Effect of Retigabine on Synaptic Transmission Between Pairs of Cultured Cortical Neurons
Abstract number :
3.164
Submission category :
Year :
2001
Submission ID :
361
Source :
www.aesnet.org
Presentation date :
12/1/2001 12:00:00 AM
Published date :
Dec 1, 2001, 06:00 AM
Authors :
J.F. Otto, B.S., Pharmacology & Toxicology, University of Utah, Salt Lake City, UT; M.M. Kimball, University of Utah, Salt Lake City, UT; K.S. Wilcox, Ph.D., Pharmacology & Toxicology, University of Utah, Salt Lake City, UT
RATIONALE: The novel anticonvulsant drug retigabine has been found to effectively reduce or block seizure activity in a wide variety of animal models of epilepsy. A primary mechanism of action of retigabine is the enhanced activation of heteromeric potassium channels comprised of the KCNQ2 and KCNQ3 subunits. In addition, retigabine potentiates Cl- currents induced by subsaturating concentrations of exogenously applied GABA. The present set of experiments were conducted in a simple in vitro model system to directly determine the effects of retigabine on excitatory and inhibitory synaptic transmission.
METHODS: Whole-cell patch clamp recordings were obtained from monosynaptically connected pairs of cultured cortical neurons. Action potentials were evoked in the presynaptic neuron and the effects of retigabine on GABA[sub]A[/sub] mediated IPSCs and non-NMDA mediated EPSCs were determined. Miniature IPSCs were recorded in the presence of TTX (500 nM) and CNQX (10 [mu]M).

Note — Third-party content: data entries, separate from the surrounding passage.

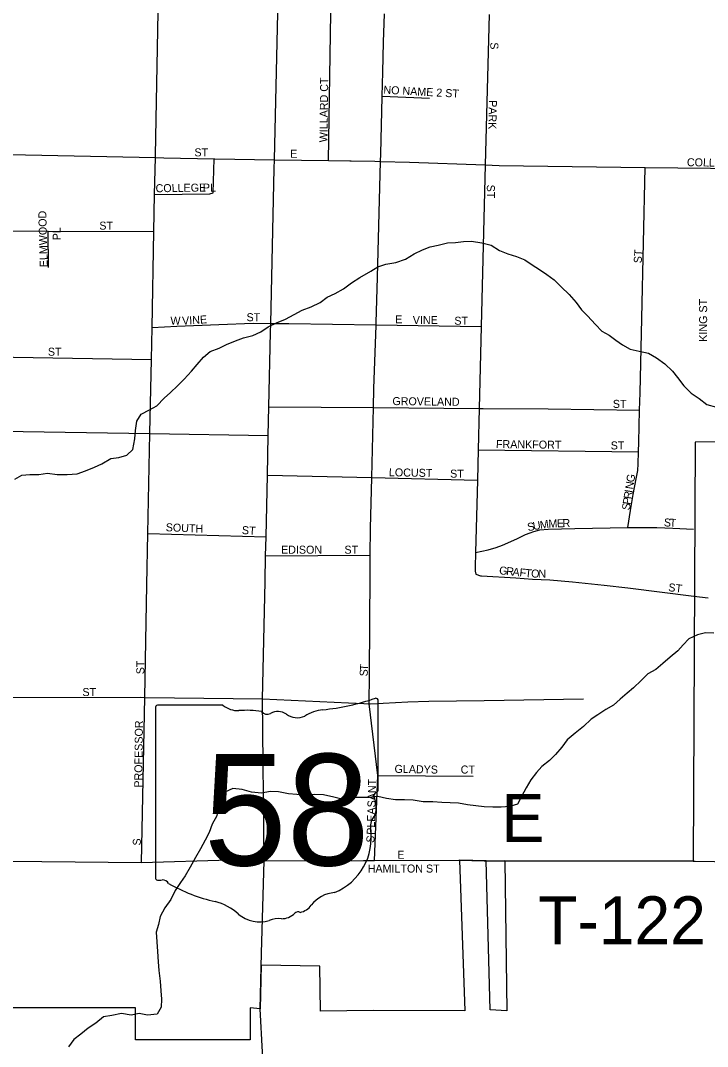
# Model space of a CAD drawing. Extents: x 1857828 to 2277390, y 930619 to 1324581.
# Drawn here: x 2044604 to 2048895, y 1193698 to 1200105 of the extents above; entities that cross this region are included whole.
import ezdxf

# ---------------------------------------------------------------- set-up
doc = ezdxf.new("R2010")
doc.units = 0
for name, color, linetype in [('GM_X_City_Street', 7, 'Continuous'), ('GM_X_City_Street_Text', 7, 'Continuous'), ('GM_X_Corporation', 7, 'Continuous'), ('GM_X_Minor_River', 7, 'Continuous'), ('GM_X_State_Location', 7, 'Continuous'), ('GM_X_State_Route', 7, 'Continuous'), ('GM_X_State_Shield', 7, 'Continuous'), ('GM_X_Township_Road', 7, 'Continuous'), ('GM_X_Township_Road_Text', 7, 'Continuous')]:
    doc.layers.add(name, color=color, linetype=linetype)

msp = doc.modelspace()

# ---------------------------------------------------------------- linework, layer by layer
at = {"layer": 'GM_X_City_Street'}
for points in [[(2045446.7, 1199263.6), (2045446.7, 1199263.6), (2045464.4, 1200157.6)], [(2046526.9, 1199230.2), (2046541.5, 1200150.6)], [(2046670.4, 1199228.3), (2046817, 1199226.3), (2046852.7, 1199225.3), (2047032.9, 1199220), (2047507, 1199203.7), (2047594.5, 1199200.7), (2048506.7, 1199187.8), (2048914.4, 1199183.5), (2049785.3, 1199177.2), (2050061.2, 1199175.5), (2050800.9, 1199205), (2050967.2, 1199208.4), (2051658.7, 1199196.2), (2051734, 1199217.2), (2052172.9, 1199504.5), (2052500.1, 1199734.7), (2053014.1, 1200096.5)], [(2046825.8, 1198209.1), (2046826.1, 1198216.6), (2046833.9, 1198503.3), (2046852.7, 1199225.3), (2046853.9, 1199273.1), (2046863.2, 1199628), (2046863.3, 1199632.7), (2046868, 1199782.4), (2046870.5, 1199970.8), (2046877.1, 1200147.7)], [(2047530.5, 1200142.3), (2047507, 1199203.7), (2047481.6, 1198193.5), (2047468.8, 1197682.7), (2047462.3, 1197423.5), (2047457.6, 1197235.2), (2047446.3, 1196783.5), (2047444, 1196692), (2047444.2, 1196666), (2047448.3, 1196648), (2047476.4, 1196638.2), (2047482.6, 1196637.8)], [(2046863.3, 1199632.7), (2047158.9, 1199620.1)], [(2044124.8, 1199276.8), (2045446.5, 1199249.9), (2045499.1, 1199248.8), (2045499.3, 1199248.8)], [(2045412.5, 1197528.1), (2045421.6, 1197989.2), (2045425.5, 1198188.6), (2045437.3, 1198787.4), (2045441.9, 1199018.2), (2045446.5, 1199249.9), (2045446.7, 1199263.6)], [(2045441.9, 1199018.2), (2045787.1, 1199022.8), (2045807, 1199029), (2045813, 1199242.4)], [(2045499.3, 1199248.8), (2045813, 1199242.4), (2045818.3, 1199242.3)], [(2045818.3, 1199242.3), (2046190.4, 1199234.7)], [(2046190.4, 1199234.7), (2046526.9, 1199230.2), (2046660.4, 1199228.4), (2046670.4, 1199228.3)], [(2048484.6, 1198244.1), (2048484.6, 1198245.5), (2048506.7, 1199187.8)], [(2043167.1, 1198799.5), (2043167.2, 1198799.5), (2043177.6, 1198799.3), (2044088.7, 1198791.9), (2044114.9, 1198791.9), (2044332.4, 1198791.7), (2044776.1, 1198790), (2045437.3, 1198787.4)], [(2044779.7, 1198562.5), (2044776.1, 1198790)], [(2048398.3, 1196938.6), (2048413.4, 1197045.5), (2048430.6, 1197145.8), (2048449.8, 1197242.2), (2048459.4, 1197294.4), (2048463.1, 1197336.5), (2048464.7, 1197412.6), (2048466, 1197472.8), (2048471, 1197671.2), (2048473.7, 1197779.6), (2048484.6, 1198244.1)], [(2045425.5, 1198188.6), (2045580.9, 1198195.9), (2045842.6, 1198206.1), (2046058.3, 1198215.9), (2046167.6, 1198212.3)], [(2046167.6, 1198212.3), (2046280.1, 1198213.7), (2046825.7, 1198204.5), (2047481.6, 1198193.5)], [(2046816.1, 1194858.7), (2046835.2, 1195391.2), (2046781.4, 1195837.6), (2046783, 1196021.3), (2046788.2, 1196648.8), (2046789, 1196767), (2046790, 1196933.4), (2046797.7, 1197250.6), (2046808.4, 1197688.1), (2046811.3, 1197807.5), (2046825.5, 1198200.8), (2046825.7, 1198204.5), (2046825.8, 1198209.1)], [(2043111.3, 1198029.2), (2044068.7, 1198012), (2044098.6, 1198011.5), (2044146.6, 1198010.6), (2044560.2, 1198003.6), (2045421.6, 1197989.2)], [(2046156, 1197693.4), (2046808.4, 1197688.1), (2047468.8, 1197682.7), (2047492.9, 1197682.5), (2047493.6, 1197682.5)], [(2047493.6, 1197682.5), (2047899.1, 1197679.2), (2048471, 1197671.2)], [(2043118.3, 1197563), (2044089.8, 1197547.3), (2045412.4, 1197526), (2046152, 1197514.1)], [(2045393.7, 1196581.5), (2045400, 1196901), (2045412.4, 1197526), (2045412.5, 1197528.1)], [(2047462.3, 1197423.5), (2048464.7, 1197412.6)], [(2046146.5, 1197265.7), (2046797.7, 1197250.6), (2047457.6, 1197235.2)], [(2045400, 1196901), (2046137.9, 1196880.3)], [(2047446.3, 1196783.5), (2047526.2, 1196800.5), (2047576.1, 1196814.9), (2047613.9, 1196829.2), (2047703.5, 1196867.9), (2047759.3, 1196896.4), (2047787.1, 1196906.6), (2047811, 1196914.8), (2047848.9, 1196925.1), (2047900.8, 1196929.5), (2048066.6, 1196932.7), (2048398.3, 1196938.6), (2048446.1, 1196939.5), (2048578, 1196938.4), (2048677.9, 1196935.2), (2048807.8, 1196928.1)], [(2046135.2, 1196762.1), (2046789, 1196767)], [(2047482.6, 1196637.8), (2047698.3, 1196624), (2047802.3, 1196616.8), (2047910.2, 1196611.7), (2048052.2, 1196598.9), (2048250.2, 1196578.4), (2048398.2, 1196561.6), (2048810.8, 1196511.1), (2048899.6, 1196500)], [(2045359.4, 1194846.1), (2045379.8, 1195878.3), (2045393.7, 1196581.5), (2045393.7, 1196581.5)], [(2042662.4, 1194873.5), (2042664.6, 1195109.3), (2042671.2, 1195279.7), (2042676.5, 1195380), (2042684.2, 1195410.1), (2042696, 1195434.3), (2042721.9, 1195454.5), (2042763.7, 1195468.8), (2043876.1, 1195779.6), (2044093.4, 1195839.3), (2044145.3, 1195853.7), (2044189.1, 1195864.1), (2044247, 1195872.5), (2044300.9, 1195876.9), (2044356.8, 1195877.3), (2044490.7, 1195878.3), (2045355.7, 1195878.6), (2045379.4, 1195878.3)], [(2045379.4, 1195878.3), (2045379.8, 1195878.3), (2045381.9, 1195878.3), (2046115.3, 1195869.5)], [(2046115.3, 1195869.5), (2046652.6, 1195844), (2046748.5, 1195840.7), (2046781.4, 1195837.6), (2046788.5, 1195836.9), (2046834.5, 1195839.5), (2046834.8, 1195839.5)], [(2046834.8, 1195839.5), (2046870.3, 1195841.5), (2047024.1, 1195850.7), (2047153.9, 1195853.6), (2047499.5, 1195858.2), (2048120.7, 1195868.7)], [(2046835.2, 1195391.2), (2047431.2, 1195386.6)], [(2041697.8, 1194883.4), (2041706.6, 1194883.3), (2042662.4, 1194873.5), (2045359.4, 1194846.1), (2045912.2, 1194863.5), (2046030.1, 1194860), (2046066.8, 1194858.9)], [(2046066.8, 1194858.9), (2046125.8, 1194857.1)], [(2046125.8, 1194857.1), (2046747.5, 1194858.6), (2046792.2, 1194858.7), (2046816.1, 1194858.7), (2047342.9, 1194862.3)], [(2047500.9, 1194857.9), (2047513.1, 1194857.5), (2047606.2, 1194856.7)]]:
    msp.add_lwpolyline(points, dxfattribs=at)
at = {"layer": 'GM_X_Corporation'}
msp.add_lwpolyline([(2051694.1, 1197494.8), (2048818.4, 1197472.4), (2048806.7, 1194856.2), (2047629.8, 1194856.4), (2047642.2, 1193919.8), (2047537.4, 1193926.2), (2047513.1, 1194857.5), (2047346, 1194862.3), (2047379.1, 1193919.8), (2046807.5, 1193921.8), (2046477.5, 1193918.9), (2046474.2, 1194200.3), (2046107.4, 1194206.5), (2046100.3, 1193934.1), (2046037.6, 1193939.9), (2046037.6, 1193739.8), (2045321.5, 1193739.9), (2045321.5, 1193940), (2042130.6, 1193940.3), (2042130.5, 1193127.5)], dxfattribs=at)
at = {"layer": 'GM_X_Minor_River'}
for points in [[(2046835.8, 1198566.9), (2046885.8, 1198583), (2046947.7, 1198593.1), (2047009.7, 1198615.3), (2047063.6, 1198647.4), (2047115.6, 1198673.6), (2047163.5, 1198691.7), (2047213.5, 1198701.8), (2047271.5, 1198715.9), (2047321.5, 1198718), (2047371.5, 1198726.1), (2047421.5, 1198728.1), (2047485.5, 1198716.2), (2047543.6, 1198702.2), (2047595.6, 1198668.2), (2047647.7, 1198648.3), (2047701.7, 1198632.3), (2047753.8, 1198610.3), (2047799.9, 1198580.3), (2047845.9, 1198550.3), (2047892, 1198518.3), (2047938.1, 1198486.3), (2047982.2, 1198442.3), (2048030.3, 1198394.2), (2048074.4, 1198344.2), (2048108.6, 1198298.1), (2048146.7, 1198260.1), (2048194.8, 1198206), (2048234.9, 1198166), (2048280.9, 1198140), (2048323, 1198109.9), (2048365.1, 1198079.9), (2048413.2, 1198051.9), (2048469.2, 1198040), (2048527.2, 1198028.1), (2048577.3, 1197998), (2048629.4, 1197962), (2048677.5, 1197916), (2048707.6, 1197875.9), (2048747.7, 1197823.9), (2048793.8, 1197777.8), (2048843.9, 1197743.8), (2048892, 1197707.8), (2048952.1, 1197689.8)], [(2044568.7, 1197240.5), (2044612.6, 1197266.7), (2044662.6, 1197270.7), (2044718.6, 1197270.8), (2044772.6, 1197278.9), (2044832.6, 1197271), (2044894.6, 1197269.1), (2044958.6, 1197275.2), (2045010.6, 1197293.3), (2045066.5, 1197315.4), (2045112.5, 1197337.5), (2045168.4, 1197369.7), (2045218.4, 1197375.8), (2045268.4, 1197389.9), (2045306.3, 1197426), (2045318.2, 1197492.2), (2045322, 1197544.3), (2045329.9, 1197602.5), (2045357.8, 1197646.6), (2045409.7, 1197674.8), (2045455.7, 1197698.9), (2045501.6, 1197747.1), (2045541.5, 1197783.2), (2045585.4, 1197823.4), (2045627.3, 1197865.5), (2045671.2, 1197915.7), (2045707.1, 1197957.9), (2045747, 1198002), (2045788.9, 1198038.2), (2045844.9, 1198058.3), (2045890.8, 1198082.4), (2045946.8, 1198104.6), (2045996.8, 1198122.7), (2046054.7, 1198138.8), (2046104.7, 1198160.9), (2046150.6, 1198193.1), (2046202.6, 1198217.2), (2046258.5, 1198239.3), (2046314.4, 1198269.5), (2046364.4, 1198295.6), (2046420.3, 1198317.7), (2046476.3, 1198343.9), (2046520.2, 1198378), (2046570.2, 1198400.1), (2046622.1, 1198430.3), (2046672, 1198466.4), (2046723.9, 1198500.6), (2046791.9, 1198540.8), (2046835.8, 1198566.9)], [(2048935.4, 1196278.5), (2048883.4, 1196280.4), (2048833.4, 1196268.3), (2048779.4, 1196244.2), (2048743.5, 1196206), (2048709.6, 1196167.9), (2048661.7, 1196129.7), (2048615.8, 1196089.6), (2048571.9, 1196051.4), (2048521.9, 1196025.3), (2048482, 1195983.1), (2048434.1, 1195936.9), (2048394.2, 1195904.8), (2048350.3, 1195866.6), (2048308.3, 1195830.5), (2048260.4, 1195802.4), (2048210.5, 1195770.2), (2048168.5, 1195742.1), (2048120.7, 1195695.9), (2048068.7, 1195655.7), (2048018.8, 1195613.6), (2047984.9, 1195567.4), (2047945, 1195521.2), (2047909.1, 1195483.1), (2047861.2, 1195446.9), (2047827.3, 1195408.8), (2047791.4, 1195362.6), (2047763.5, 1195312.5), (2047733.6, 1195258.3), (2047707.7, 1195212.2), (2047659.8, 1195196.1), (2047605.8, 1195192), (2047553.8, 1195191.9), (2047499.8, 1195193.8), (2047447.7, 1195201.8), (2047395.7, 1195207.7), (2047339.7, 1195217.6), (2047287.7, 1195219.6)], [(2047287.7, 1195219.6), (2047235.7, 1195221.5), (2047179.7, 1195225.4), (2047119.6, 1195225.4), (2047057.6, 1195235.3), (2047003.6, 1195239.2), (2046945.6, 1195239.1), (2046889.6, 1195247.1), (2046835.5, 1195259), (2046779.5, 1195252.9), (2046723.5, 1195252.9), (2046669.5, 1195252.8), (2046619.6, 1195240.7), (2046561.5, 1195254.6), (2046497.5, 1195268.6), (2046441.5, 1195272.5), (2046389.5, 1195270.4), (2046329.5, 1195272.3), (2046277.4, 1195276.3), (2046215.4, 1195288.2), (2046163.4, 1195290.1), (2046109.4, 1195280), (2046047.4, 1195286), (2045989.3, 1195303.9), (2045929.3, 1195309.9), (2045879.4, 1195285.7), (2045855.5, 1195241.6), (2045839.6, 1195191.4), (2045829.7, 1195139.3), (2045801.8, 1195087.1), (2045782, 1195035), (2045758.1, 1194986.8), (2045728.2, 1194932.7), (2045696.3, 1194878.5), (2045664.4, 1194818.3), (2045632.6, 1194764.1), (2045602.7, 1194722), (2045570.8, 1194671.8), (2045542.9, 1194615.6), (2045505, 1194563.5), (2045477.1, 1194509.3), (2045465.3, 1194459.2), (2045451.4, 1194411), (2045455.5, 1194350.9), (2045459.7, 1194290.8), (2045463.8, 1194226.6), (2045467.9, 1194172.5), (2045476.1, 1194106.3), (2045480.2, 1194046.2), (2045484.3, 1193994.1), (2045482.5, 1193944), (2045458.6, 1193899.8), (2045396.6, 1193893.7), (2045344.5, 1193903.7), (2045294.6, 1193893.6), (2045234.5, 1193903.5), (2045174.6, 1193891.4), (2045122.6, 1193883.3), (2045074.7, 1193843.1), (2045026.7, 1193813), (2044980.8, 1193774.8), (2044936.9, 1193740.7), (2044903, 1193696.5)]]:
    msp.add_lwpolyline(points, dxfattribs=at)
at = {"layer": 'GM_X_State_Route'}
for points in [[(2046189.2, 1199180.9), (2046190.4, 1199234.7), (2046210.9, 1200153.3)], [(2046166.4, 1198158.6), (2046167.6, 1198212.3), (2046189.2, 1199180.9)], [(2046131.6, 1196599.6), (2046131.7, 1196601.4), (2046135.2, 1196762.1), (2046137.9, 1196880.3), (2046146.5, 1197265.7), (2046152, 1197514.1), (2046156, 1197693.4), (2046166.4, 1198158.6)], [(2046125.8, 1194857.1), (2046115.3, 1195869.5), (2046131.6, 1196599.6)], [(2046109.9, 1194281.7), (2046125.8, 1194857.1)], [(2046224.7, 1192985.3), (2046210.8, 1193045.7), (2046206.9, 1193062.9), (2046130.5, 1193392), (2046100.3, 1193934.1), (2046109.9, 1194281.7)]]:
    msp.add_lwpolyline(points, dxfattribs=at)
at = {"layer": 'GM_X_State_Shield'}
for p, q in [((2045446.6, 1195810.8), (2045446.6, 1194754.2)), ((2045868, 1195829), (2045460.3, 1195829)), ((2046838.7, 1195302.4), (2046838.7, 1195855.2)), ((2046838.6, 1195302.6), (2046838.7, 1195302.4))]:
    msp.add_line(p, q, dxfattribs=at)
for centre, radius, start, end in [((2046342.8, 1197269.5), 1476.4, 275.84447, 288.90645), ((2046823.3, 1195857.5), 15.5, 351.86209, 97.738), ((2045462.5, 1195813.1), 16.1, 98.1301, 188.1301), ((2045965.1, 1195951.7), 156.4, 231.61951, 271.11188), ((2046531.1, 1195506.3), 297, 97.34618, 120.76885), ((2046016.9, 1195235.8), 561.6, 80.48669, 94.98827), ((2046144.4, 1195818.5), 45.1, 219.79206, 297.10237), ((2046210.7, 1195696.4), 93.8, 54.46668, 119.14113), ((2046331.8, 1195863.9), 112.9, 233.85621, 294.82819), ((2046822.2, 1195300.3), 16.6, 289.60381, 7.73413), ((2046835.2, 1195261.9), 24, 107.94398, 210.33697), ((2046682.6, 1195192), 144, 340.03296, 23.64957), ((2046894.3, 1195071.1), 104.8, 136.8065, 186.92959), ((2046425.5, 1195000.8), 369.3, 292.30889, 8.98584), ((2045462.7, 1194751.9), 16.3, 171.95839, 258.30661), ((2045465.1, 1194860), 124.2, 267.33899, 280.60386), ((2045490.5, 1194693.2), 44.8, 29.74838, 93.27175), ((2046055.8, 1195642.6), 1066.1, 240.41292, 257.1985), ((2046581.2, 1194457.5), 202.2, 94.40312, 142.57675), ((2045738, 1194279.5), 333.6, 47.18416, 75.83597), ((2046098.7, 1194688), 211.7, 230.70037, 286.29184), ((2046236.5, 1194608.8), 112.8, 268.77702, 315.54927), ((2046338.5, 1194506.5), 31.8, 65.75173, 132.64842), ((2046325, 1194651.8), 119.3, 282.87319, 323.27711), ((2046221, 1194322.6), 173.9, 85.69512, 111.20995)]:
    msp.add_arc(centre, radius, start, end, dxfattribs=at)
at = {"layer": 'GM_X_Township_Road'}
for points in [[(2047342.9, 1194862.3), (2047345.9, 1194862.3), (2047500.9, 1194857.9)], [(2047606.2, 1194856.7), (2047629.8, 1194856.4), (2048806.7, 1194856.2), (2048818, 1194856)], [(2048818, 1194856), (2052062.8, 1194799.2), (2053528.4, 1194778.3), (2053769.6, 1194772.9)]]:
    msp.add_lwpolyline(points, dxfattribs=at)

# ---------------------------------------------------------------- texts
at = {"layer": 'GM_X_City_Street_Text'}
for s, rotation, p in [('S', 270, (2047538.9, 1199969.2)), ('WILLARD CT', 89.32632, (2046521.3, 1199344.5)), ('NO NAME 2 ST', 356.95682, (2046870.1, 1199648.6)), ('PARK', 268.78171, (2047530.2, 1199608.2)), ('ST', 0.00001, (2045690.3, 1199257)), ('E', 0.00001, (2046288.8, 1199248.2)), ('COLLEGE', 359.21694, (2048766.4, 1199195.4)), ('COLLEGE', 0.90888, (2045448.2, 1199032.6)), ('PL', 0.00001, (2045743.2, 1199037)), ('ST', 270, (2047517, 1199080.4)), ('ELMWOOD', 91.59325, (2044774.5, 1198565.3)), ('PL', 90, (2044855.2, 1198732.8)), ('ST', 0.00001, (2045096.4, 1198799.4)), ('ST', 86.42535, (2048483.8, 1198588.2)), ('KING ST', 90, (2048892.9, 1198099.2)), ('W', 0.00001, (2045540.7, 1198205.4)), ('VINE', 3.46623, (2045615, 1198205.4)), ('ST', 0.00001, (2046016, 1198227.4)), ('E', 0.00001, (2046944.3, 1198214.2)), ('VINE', 0.00001, (2047054.4, 1198209.8)), ('ST', 0.00001, (2047313.9, 1198205.4)), ('ST', 0.00001, (2044775.1, 1198011.8)), ('GROVELAND', 359.33416, (2046926.9, 1197703.8)), ('ST', 0.00001, (2048304, 1197686.2)), ('FRANKFORT', 359.3101, (2047573.7, 1197435.4)), ('ST', 0.00001, (2048290.7, 1197426.6)), ('LOCUST', 358.93969, (2046904.9, 1197259.4)), ('ST', 0.00001, (2047287.5, 1197250.6)), ('N', 81.1142, (2048429.5, 1197175)), ('G', 80.22501, (2048436.2, 1197218.3)), ('R', 81.10059, (2048419.9, 1197114.2)), ('I', 81.09099, (2048426.1, 1197153.3)), ('S', 81.11259, (2048409.1, 1197044.6)), ('P', 81.11259, (2048414.5, 1197079.4)), ('SOUTH', 357.51189, (2045510.4, 1196916.2)), ('S', 10.02381, (2047774.3, 1196916.1)), ('U', 10.03885, (2047808.9, 1196922.2)), ('M', 8.55508, (2047851.9, 1196929.8)), ('M', 2.67866, (2047902.8, 1196937.5)), ('E', 1.77626, (2047955.3, 1196940)), ('R', 1.78682, (2047990.5, 1196941.1)), ('S', 355.84432, (2048621.5, 1196947)), ('T', 357.289, (2048658, 1196944.3)), ('ST', 356.42537, (2045985.7, 1196898.6)), ('EDISON', 0.00001, (2046231.6, 1196775.4)), ('ST', 0.00001, (2046627.6, 1196775.4)), ('G', 354.08936, (2047592.1, 1196647.7)), ('R', 354.08886, (2047635.9, 1196643.2)), ('A', 354.10102, (2047675.3, 1196639.1)), ('F', 354.08824, (2047719.1, 1196634.6)), ('T', 354.34993, (2047754.3, 1196631)), ('O', 358.13503, (2047793, 1196627.3)), ('N', 359.97035, (2047838.7, 1196625.8)), ('ST', 352.8649, (2048648.3, 1196542.1)), ('ST', 90, (2045377.3, 1196022.4)), ('T', 86.08958, (2046773.7, 1196043.5)), ('S', 87.37634, (2046772.1, 1196008.6)), ('ST', 0.00001, (2044990.7, 1195886.6)), ('PROFESSOR', 89.34927, (2045364.1, 1195314.1)), ('GLADYS', 358.97753, (2046940.1, 1195407)), ('CT', 0.00001, (2047353.6, 1195402.6)), ('PLEASANT', 88.38424, (2046816.1, 1195019.5)), ('S', 90, (2045355.4, 1194953.2)), ('S', 82.8817, (2046811.8, 1194967.5)), ('E', 0.00001, (2046957.6, 1194870.2)), ('HAMILTON ST', 0.00001, (2046772.8, 1194784.2))]:
    msp.add_text(s, height=50, rotation=rotation, dxfattribs=at).set_placement(p)
at = {"layer": 'GM_X_State_Location'}
for s in ['s', 'r']:
    msp.add_text(s, height=1, dxfattribs=at).set_placement((2046127, 1195212.2))
msp.add_text('58', height=1, rotation=0.00001, dxfattribs=at).set_placement((2045875.1, 1195139.5))
at = {"layer": 'GM_X_State_Shield'}
msp.add_text('58', height=696.1, dxfattribs=at).set_placement((2045749.1, 1194828.7))
at = {"layer": 'GM_X_Township_Road_Text'}
for s, p in [('E', (2047608.7, 1194974.3)), ('T-122', (2047837.5, 1194335.7))]:
    msp.add_text(s, height=300, rotation=0.00001, dxfattribs=at).set_placement(p)

doc.saveas('drawing.dxf')

RESULTS: Retigabine significantly hyperpolarized the membrane potentials of all neurons, and decreased the number of action potentials generated by direct current injection. In addition, retigabine dramatically potentiated IPSCs mediated by activation of GABA[sub]A[/sub] receptors. Peak amplitude, 90-10% decay time, slow decay time constant, and consequently the total charge transfer of IPSCs were all significantly enhanced by retigabine. This effect was limited to IPSCs, as retigabine had no significant effect on EPSCs mediated by activation of non-NMDA ionotropic glutamate receptors. Paired-pulse depression was not altered by retigabine, suggesting that its effect on IPSCs is primarily postsynaptic. Consistent with the hypothesis that retigabine increases inhibitory neurotransmission via a direct action on the GABA[sub]A[/sub] receptor, the peak amplitudes, 90-10% decay times, and total charge transfer of spontaneous miniature IPSCs were also significantly increased.
CONCLUSIONS: Retigabine has both presynaptic and postsynaptic actions that serve to dramatically dampen excitability in neural circuits. These multiple actions likely underlie the potent anticonvulsant profile of this unique compound.
Support: This work was supported by NIH contract N01-NS-4-2311 and an ASPET Summer Fellowship to M.M.K.